I think the Vanguard is probably something like 1/2 scale. The probes on the real thing are at least a foot long.


----------



## RMC (Aug 11, 2004)

....according to fantastic-plastic, they say it is 1/5 scale ?


----------



## mcdougall (Oct 28, 2007)

buzzconroy said:


> here is a mini review and built up.
> http://www.fantastic-plastic.com/ProjectVanguardSatellitePage.htm
> 
> randy


Thanks for posting this Randy :thumbsup:
Did any of you guys check out Randys' link? http://www.fantastic-plastic.com/ProjectVanguardSatellitePage.htm

Lots of info is right there... (Scale is 1/5)
Denis


----------



## Trek Ace (Jul 8, 2001)

I don't see how this kit could be 1/5 scale.
The original Vanguard was called "the grapefruit satellite" when it was launched because it was about that size, and only weighed a few pounds. I was only 22 at the time, but I still remember that vividly.


----------



## mcdougall (Oct 28, 2007)

Trek Ace said:


> I don't see how this kit could be 1/5 scale.
> The original Vanguard was called "the grapefruit satellite" when it was launched because it was about that size, and only weighed a few pounds. I was only 22 at the time, but I still remember that vividly.

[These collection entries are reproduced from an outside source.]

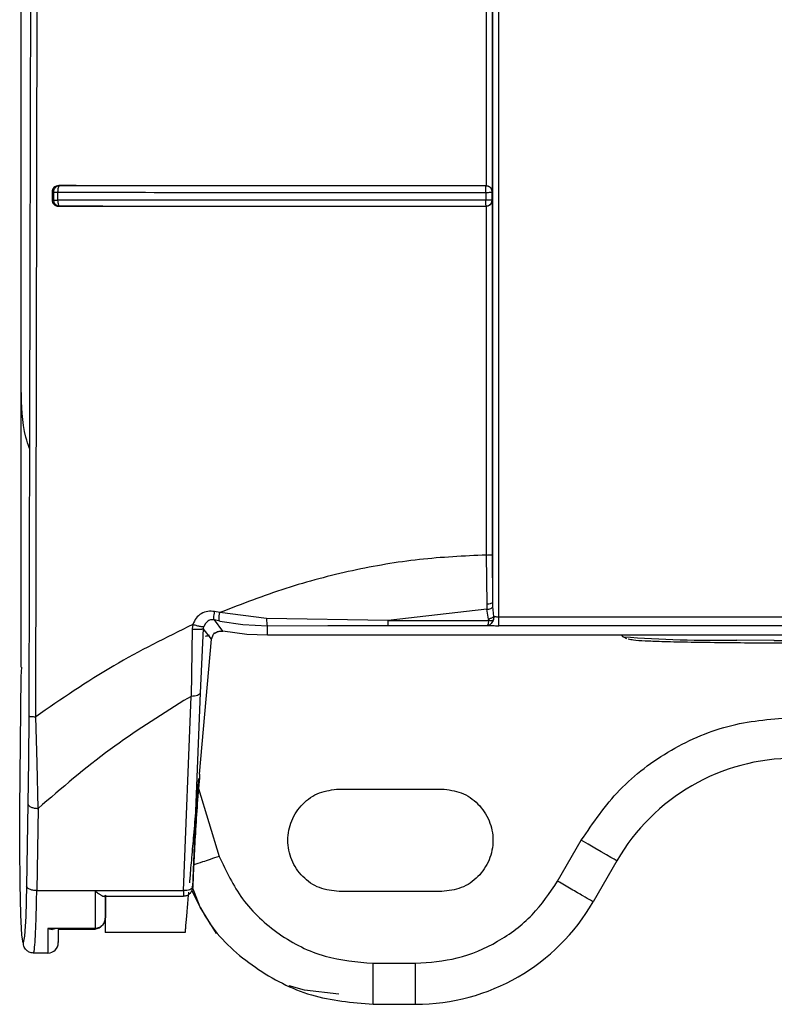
# Model space of a CAD drawing. Header units: inches. Extents: x 170 to 312, y 215 to 248.
# Tile 498 of 656: x 250.3015 to 250.3498, y 222.214 to 222.277. Entities that reach past the tile are written whole.
import ezdxf

# ---------------------------------------------------------------- set-up
doc = ezdxf.new("R2010")
doc.units = ezdxf.units.IN
doc.header["$LTSCALE"] = 0.25
doc.header["$MEASUREMENT"] = 0
doc.layers.add('MOTOR LH', color=7, linetype='Continuous')

msp = doc.modelspace()

# ---------------------------------------------------------------- linework, layer by layer
at = {"layer": 'MOTOR LH'}
for p, q in [((250.301614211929, 222.2533859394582), (250.301614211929, 222.6812074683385)), ((250.3016181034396, 222.2356038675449), (250.301618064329, 222.4723084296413)), ((250.3317709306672, 222.266030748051), (250.3317711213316, 222.3056426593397)), ((250.302540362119, 222.2324238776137), (250.3026770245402, 222.2943961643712)), ((250.3313739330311, 222.2941381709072), (250.3313685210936, 222.266414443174)), ((250.3040129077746, 222.2663709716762), (250.3039745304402, 222.2662787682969)), ((250.3040092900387, 222.2664169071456), (250.3040599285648, 222.266407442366)), ((250.3040355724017, 222.2663968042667), (250.3040129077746, 222.2663709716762)), ((250.3040599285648, 222.2664074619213), (250.3040355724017, 222.2663968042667)), ((250.3313499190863, 222.2659879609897), (250.3313510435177, 222.2661411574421)), ((250.3313510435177, 222.2661411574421), (250.3313517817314, 222.2662737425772)), ((250.3313517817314, 222.2662737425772), (250.3313529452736, 222.2663661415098)), ((250.3313534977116, 222.266405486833), (250.3313685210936, 222.2664145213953)), ((250.30358789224, 222.2660265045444), (250.3035878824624, 222.2654884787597)), ((250.3035878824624, 222.2654884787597), (250.3036760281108, 222.265504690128)), ((250.30358789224, 222.2660265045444), (250.3036760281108, 222.2660088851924)), ((250.3036760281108, 222.2660088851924), (250.3036760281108, 222.265504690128)), ((250.3039433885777, 222.2659909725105), (250.3039433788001, 222.2654844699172)), ((250.3313499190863, 222.2659879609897), (250.3313499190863, 222.2654818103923)), ((250.3317138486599, 222.265496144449), (250.3316253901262, 222.2654884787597)), ((250.331748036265, 222.265503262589), (250.3317138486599, 222.265496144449)), ((250.331748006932, 222.2660132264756), (250.3317709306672, 222.266030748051)), ((250.3317709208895, 222.2654863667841), (250.331748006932, 222.265503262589)), ((250.331748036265, 222.265503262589), (250.331748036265, 222.2660132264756)), ((250.3317707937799, 222.2428013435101), (250.3317709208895, 222.2654863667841)), ((250.304000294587, 222.265104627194), (250.3040592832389, 222.265115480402)), ((250.3313544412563, 222.2651125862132), (250.3313693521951, 222.2651022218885)), ((250.3313693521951, 222.2651022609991), (250.331373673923, 222.2427753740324)), ((250.331373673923, 222.2427753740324), (250.3313961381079, 222.2396208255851)), ((250.3317899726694, 222.2397813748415), (250.3317707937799, 222.2428013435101)), ((250.3313961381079, 222.2396208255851), (250.3314109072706, 222.2392987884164)), ((250.3317971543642, 222.2394693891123), (250.3317899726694, 222.2397813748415)), ((250.3143148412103, 222.2390860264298), (250.3139883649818, 222.2391546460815)), ((250.3173032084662, 222.2387159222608), (250.3143148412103, 222.2390860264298)), ((250.3314109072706, 222.2392987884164), (250.3250924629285, 222.2385893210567)), ((250.3315174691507, 222.2386738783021), (250.3314109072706, 222.2392987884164)), ((250.331850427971, 222.2388351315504), (250.3317971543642, 222.2394693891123)), ((250.3133931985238, 222.2383995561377), (250.3132930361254, 222.238199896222)), ((250.3135542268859, 222.2385463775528), (250.3133931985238, 222.2383995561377)), ((250.3143108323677, 222.2385482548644), (250.313973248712, 222.2386197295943)), ((250.3145094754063, 222.2379010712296), (250.313973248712, 222.2386197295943)), ((250.3143108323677, 222.2385482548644), (250.315799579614, 222.238325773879)), ((250.3250924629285, 222.2385893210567), (250.3173032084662, 222.2387159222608)), ((250.3250924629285, 222.2385893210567), (250.3315190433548, 222.238589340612)), ((250.4757800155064, 222.2388000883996), (250.3321833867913, 222.2388000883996)), ((250.312554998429, 222.2380409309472), (250.3124833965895, 222.2337282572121)), ((250.3125968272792, 222.2383328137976), (250.312554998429, 222.2380409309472)), ((250.3132641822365, 222.238061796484), (250.3130725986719, 222.2339585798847)), ((250.3137832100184, 222.2373921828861), (250.3132641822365, 222.238061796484)), ((250.3132698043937, 222.2380614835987), (250.3132930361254, 222.238199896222)), ((250.3143365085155, 222.2379069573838), (250.313919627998, 222.2377551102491)), ((250.3143365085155, 222.2379069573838), (250.3145093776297, 222.2379005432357)), ((250.316056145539, 222.2376943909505), (250.3145094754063, 222.2379010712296)), ((250.315799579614, 222.238325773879), (250.3173674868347, 222.2382506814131)), ((250.3173660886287, 222.2376398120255), (250.3173674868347, 222.2382506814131)), ((250.3173674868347, 222.2382506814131), (250.3212228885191, 222.2382605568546)), ((250.3212228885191, 222.2382605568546), (250.3250910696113, 222.2382629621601)), ((250.3250910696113, 222.2382629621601), (250.3314340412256, 222.2382629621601)), ((250.4757799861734, 222.2382509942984), (250.3321833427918, 222.2382509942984)), ((250.3130278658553, 222.2287476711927), (250.3137832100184, 222.2373921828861)), ((250.3137780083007, 222.2373924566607), (250.3139229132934, 222.237702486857)), ((250.3173660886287, 222.2376398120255), (250.316056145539, 222.2376943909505)), ((250.3230138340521, 222.2376379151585), (250.3173622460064, 222.2376379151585)), ((250.4905944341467, 222.2376398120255), (250.3173660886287, 222.2376398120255)), ((250.3230138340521, 222.2376398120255), (250.3230138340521, 222.2376379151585)), ((250.3401377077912, 222.2375384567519), (250.3400365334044, 222.2376398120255)), ((250.3403704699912, 222.2374082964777), (250.3401377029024, 222.2375384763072)), ((250.3016180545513, 222.234989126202), (250.3016436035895, 222.2356027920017)), ((250.301523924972, 222.2264990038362), (250.3016180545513, 222.234989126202)), ((250.3130725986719, 222.2339585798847), (250.3125798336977, 222.2215203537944)), ((250.3119906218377, 222.2212901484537), (250.3124833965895, 222.2337282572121)), ((250.3124833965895, 222.2337282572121), (250.3120167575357, 222.2334565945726)), ((250.3020966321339, 222.2324683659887), (250.3020785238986, 222.2296297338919)), ((250.3026229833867, 222.2294511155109), (250.3025403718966, 222.2324238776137)), ((250.3020785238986, 222.2296297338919), (250.3020402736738, 222.226846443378)), ((250.302696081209, 222.2265533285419), (250.3026229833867, 222.2294511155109)), ((250.312955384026, 222.2278198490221), (250.3142791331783, 222.2234871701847)), ((250.3219554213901, 222.2277953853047), (250.3285170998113, 222.2277953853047)), ((250.3015137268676, 222.2240813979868), (250.301523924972, 222.2264990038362)), ((250.3020402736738, 222.226846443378), (250.3019483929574, 222.2215832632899)), ((250.302696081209, 222.2265533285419), (250.3026042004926, 222.2212901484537)), ((250.3359379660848, 222.2218898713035), (250.3374533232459, 222.2245145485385)), ((250.3015350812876, 222.2217234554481), (250.3015137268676, 222.2240813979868)), ((250.3397263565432, 222.223202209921), (250.3382109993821, 222.2205775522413)), ((250.3015850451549, 222.2197501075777), (250.3015350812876, 222.2217234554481)), ((250.3019483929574, 222.2215832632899), (250.3018968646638, 222.2196446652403)), ((250.3026042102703, 222.2212901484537), (250.3119906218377, 222.2212901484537)), ((250.3120023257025, 222.2209270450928), (250.3069171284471, 222.2209270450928)), ((250.3069993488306, 222.2210115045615), (250.306999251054, 222.2195756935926)), ((250.3285170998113, 222.2212337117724), (250.3219554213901, 222.2212337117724)), ((250.306999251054, 222.2195756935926), (250.3069992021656, 222.2202376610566)), ((250.3016567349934, 222.2184331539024), (250.3015850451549, 222.2197501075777)), ((250.3018968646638, 222.2196446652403), (250.3018241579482, 222.218376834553)), ((250.3069866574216, 222.2194409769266), (250.306942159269, 222.219295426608)), ((250.3063431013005, 222.218869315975), (250.3033247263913, 222.218869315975)), ((250.3033247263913, 222.218869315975), (250.3035889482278, 222.218812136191)), ((250.3063467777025, 222.218812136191), (250.3039653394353, 222.218812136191)), ((250.303980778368, 222.218812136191), (250.3039807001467, 222.2182948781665)), ((250.301740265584, 222.2179533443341), (250.3016567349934, 222.2184331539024)), ((250.3018241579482, 222.218376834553), (250.301740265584, 222.2179533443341)), ((250.312112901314, 222.2186090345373), (250.3069931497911, 222.2186090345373)), ((250.3039805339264, 222.2180089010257), (250.3039805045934, 222.2179651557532)), ((250.3033243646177, 222.2172966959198), (250.3023987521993, 222.2172966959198)), ((250.3241221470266, 222.2166405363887), (250.326845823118, 222.2166405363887)), ((250.3241221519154, 222.2140158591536), (250.3241221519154, 222.2166405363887)), ((250.3241221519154, 222.2140158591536), (250.3268458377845, 222.2140158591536))]:
    msp.add_line(p, q, dxfattribs=at)
at = {"layer": 'MOTOR LH', "flags": 128}
for points in [[(250.3498018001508, 222.2373107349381), (250.349776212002, 222.2373108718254), (250.347409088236, 222.2373287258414)], [(250.3397263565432, 222.223202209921), (250.3396826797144, 222.2232274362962), (250.3395533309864, 222.2233021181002), (250.3393432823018, 222.2234233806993), (250.3390606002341, 222.2235865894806), (250.3387161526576, 222.2237854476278), (250.3383231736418, 222.2240123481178), (250.3378967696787, 222.2242585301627), (250.3374533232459, 222.2245145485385)], [(250.3141113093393, 222.2185454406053), (250.3130694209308, 222.2202440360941), (250.3125511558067, 222.2215519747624)], [(250.3033247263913, 222.218869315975), (250.3033246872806, 222.2185112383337), (250.3033246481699, 222.2181956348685), (250.3033245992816, 222.2179247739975), (250.3033245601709, 222.2177005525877), (250.3033245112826, 222.2175245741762), (250.3033244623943, 222.2173980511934), (250.303324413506, 222.217321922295), (250.3033243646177, 222.2172966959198)], [(250.3219372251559, 222.21467203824), (250.319747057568, 222.2149188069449), (250.3187472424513, 222.215203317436)]]:
    msp.add_lwpolyline(points, dxfattribs=at)
at = {"layer": 'MOTOR LH'}
for centre, radius, start, end in [((250.3461545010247, 222.3199865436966), 0.08266733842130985, 265.8261393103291, 270.8695733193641), ((250.3541043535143, 222.8632809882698), 0.6259850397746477, 269.6061885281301, 271.0128102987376), ((250.3510915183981, 222.2166405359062), 0.01312335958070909, 90, 149.9999999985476), ((250.3268458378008, 222.2271392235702), 0.01312335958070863, 270.0000000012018, 330.0000000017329), ((250.3033243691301, 222.217952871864), 0.0006561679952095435, 269.9821670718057, 0.01358416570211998)]:
    msp.add_arc(centre, radius, start, end, dxfattribs=at)
for points, knots in [([(250.3317899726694, 222.2397813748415), (250.3317901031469, 222.2656684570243), (250.3317903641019, 222.3174426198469), (250.3317905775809, 222.3952217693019), (250.3317906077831, 222.4470957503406), (250.3317906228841, 222.4730327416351)], [0, 0, 0, 0, 0.3333333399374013, 0.6666666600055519, 1, 1, 1, 1]), ([(250.3321833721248, 222.2388000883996), (250.3321834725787, 222.2583036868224), (250.3321836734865, 222.2973108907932), (250.3321838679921, 222.3558950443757), (250.3321839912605, 222.4145096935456), (250.3321840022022, 222.4535981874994), (250.332184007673, 222.4731424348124)], [0, 0, 0, 0, 0.2499999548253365, 0.5000000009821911, 0.7499999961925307, 1, 1, 1, 1]), ([(250.3023925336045, 222.4726828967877), (250.3023900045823, 222.4526430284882), (250.3023849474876, 222.41257081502), (250.3023275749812, 222.3524872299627), (250.3022369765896, 222.2924397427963), (250.3021434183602, 222.2524608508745), (250.3020966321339, 222.2324683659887)], [0, 0, 0, 0, 0.2500558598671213, 0.5000178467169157, 0.7499709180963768, 1, 1, 1, 1]), ([(250.304009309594, 222.2664169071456), (250.3039527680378, 222.2664114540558), (250.3038406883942, 222.2664006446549), (250.3037034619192, 222.2663052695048), (250.303624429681, 222.2661981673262), (250.3035927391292, 222.2661015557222), (250.3035895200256, 222.2660517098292), (250.30358789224, 222.2660265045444)], [0, 0, 0, 0, 0.2697468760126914, 0.5347064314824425, 0.7716357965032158, 0.8845243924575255, 1, 1, 1, 1]), ([(250.3040599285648, 222.2664074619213), (250.3040282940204, 222.2664046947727), (250.3039692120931, 222.2663995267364), (250.3038740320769, 222.2663613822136), (250.3037948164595, 222.2663026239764), (250.3037359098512, 222.2662267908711), (250.3036883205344, 222.2661346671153), (250.303680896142, 222.266058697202), (250.3036760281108, 222.2660088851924)], [0, 0, 0, 0, 0.1561761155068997, 0.2916806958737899, 0.4999550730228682, 0.6324998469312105, 0.7590372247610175, 1, 1, 1, 1]), ([(250.3039745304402, 222.2662787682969), (250.303964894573, 222.2662359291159), (250.3039456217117, 222.2661502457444), (250.3039441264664, 222.2660440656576), (250.3039433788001, 222.2659909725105)], [0, 0, 0, 0, 0.4999707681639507, 1, 1, 1, 1]), ([(250.3313685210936, 222.2664145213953), (250.3282790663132, 222.2664147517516), (250.3220983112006, 222.2664152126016), (250.3129162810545, 222.2664149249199), (250.3069772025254, 222.266416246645), (250.3040092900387, 222.2664169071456)], [0, 0, 0, 0, 0.3333223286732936, 0.6668437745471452, 0.9999999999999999, 0.9999999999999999, 0.9999999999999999, 0.9999999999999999]), ([(250.3313534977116, 222.266405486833), (250.328274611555, 222.2664057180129), (250.3221088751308, 222.2664061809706), (250.312949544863, 222.2664057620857), (250.3070207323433, 222.2664068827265), (250.3040599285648, 222.266407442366)], [0, 0, 0, 0, 0.3330292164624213, 0.6669198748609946, 0.9999999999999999, 0.9999999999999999, 0.9999999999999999, 0.9999999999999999]), ([(250.3313529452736, 222.2663661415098), (250.33135355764, 222.2663791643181), (250.3313545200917, 222.2663996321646), (250.331353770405, 222.266403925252), (250.3313534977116, 222.266405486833)], [0, 0, 0, 0, 0.636256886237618, 1, 1, 1, 1]), ([(250.3316341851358, 222.2662886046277), (250.331598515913, 222.2663179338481), (250.3315414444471, 222.2663648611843), (250.3314418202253, 222.2663993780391), (250.3313839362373, 222.2664033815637), (250.3313534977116, 222.266405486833)], [0, 0, 0, 0, 0.441408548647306, 0.7062624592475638, 1, 1, 1, 1]), ([(250.3313685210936, 222.2664144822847), (250.3313992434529, 222.2664119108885), (250.331462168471, 222.2664066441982), (250.3315508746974, 222.2663722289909), (250.3316331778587, 222.2663206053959), (250.3316726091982, 222.2662739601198), (250.3316937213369, 222.2662489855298)], [0, 0, 0, 0, 0.2173987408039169, 0.4452724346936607, 0.7029904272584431, 0.9999999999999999, 0.9999999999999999, 0.9999999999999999, 0.9999999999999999]), ([(250.3317480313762, 222.2660132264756), (250.3317466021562, 222.2660388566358), (250.3317447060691, 222.2660728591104), (250.3317356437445, 222.2661100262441), (250.331728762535, 222.2661343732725), (250.3317209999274, 222.266155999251), (250.3317092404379, 222.266182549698), (250.3316861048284, 222.2662280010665), (250.3316567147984, 222.2662623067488), (250.3316341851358, 222.2662886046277)], [0, 0, 0, 0, 0.2514056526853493, 0.3335294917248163, 0.3759674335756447, 0.5001144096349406, 0.5587868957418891, 0.6617770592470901, 0.9999999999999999, 0.9999999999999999, 0.9999999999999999, 0.9999999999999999]), ([(250.3316937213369, 222.2662489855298), (250.3317165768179, 222.2662109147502), (250.3317517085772, 222.2661523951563), (250.3317679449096, 222.266076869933), (250.3317701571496, 222.2660426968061), (250.3317709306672, 222.266030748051)], [0, 0, 0, 0, 0.5476727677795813, 0.8418421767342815, 1, 1, 1, 1]), ([(250.3035878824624, 222.2654884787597), (250.3035894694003, 222.2654635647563), (250.3035925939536, 222.2654145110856), (250.3036235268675, 222.2653191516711), (250.3037008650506, 222.2652132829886), (250.3038363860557, 222.2651199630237), (250.3039450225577, 222.2651097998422), (250.3040003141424, 222.265104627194)], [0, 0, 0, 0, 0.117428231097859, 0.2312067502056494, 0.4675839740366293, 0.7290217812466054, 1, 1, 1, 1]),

You're right Trek Ace....I dug this info up...
On March 17, 1958, Vanguard 1 became the second artificial satellite successfully placed in Earth orbit by the United States. It was the first solar-powered satellite. Just 152 mm (6 in) in diameter and weighing just 1.4 kg (3 lb), Vanguard 1 was described by then-Soviet Premier Nikita Khrushchev as, "The grapefruit satellite

Denis


----------



## scooke123 (Apr 11, 2008)

Cool pic! I have an original in the box and also the Manned Station. Would be nice to see it and the Explorer satelitte again - maybe if sales of the Vanguard are good R2 will consider them too.
Steve


----------



## mcdougall (Oct 28, 2007)

scooke123 said:


> Cool pic! I have an original in the box and also the Manned Station. Would be nice to see it and the Explorer satelitte again - maybe if sales of the Vanguard are good R2 will consider them too.
> Steve


I had one of these, the Explorer which balanced on its display stand using metal weights... I remember putting it in motion on its' stand and it seemed to defy gravity the way it would twirl around. I'd get another one of these in a heartbeat :thumbsup:





Denis


----------



## djnick66 (May 2, 2008)

Note that the HAWK kit is not really a model of the actual satillite. Its pretty conjectural. So to say its one size in particular is rather moot. I don't know if its 1/5 or not but its not 1/1. The whole thing with the probes is about 2 feet across (10 inches for each probe and 5" for the satillite itself.


----------



## scooke123 (Apr 11, 2008)

It's so 50ish Sci-Fi outer space looking though. Brings back a lot of good memories growing up in that era.
Steve


----------



## spawndude (Nov 28, 2007)

scooke123 said:


> It's so 50ish Sci-Fi outer space looking though. Brings back a lot of good memories growing up in that era.
> Steve


Indeed. Those of us around back then were truly blessed to be living during such exciting times. I know its what inspired me to go on to a career in the sciences.


----------



## Steve H (Feb 8, 2009)

djnick66 said:


> Yes the Hawk Manned Orbiting Laboratory, Matador Missile, Atlas ICMB etc


Yes please. Also repopping the Kaman Huskie helicopter would be nice. 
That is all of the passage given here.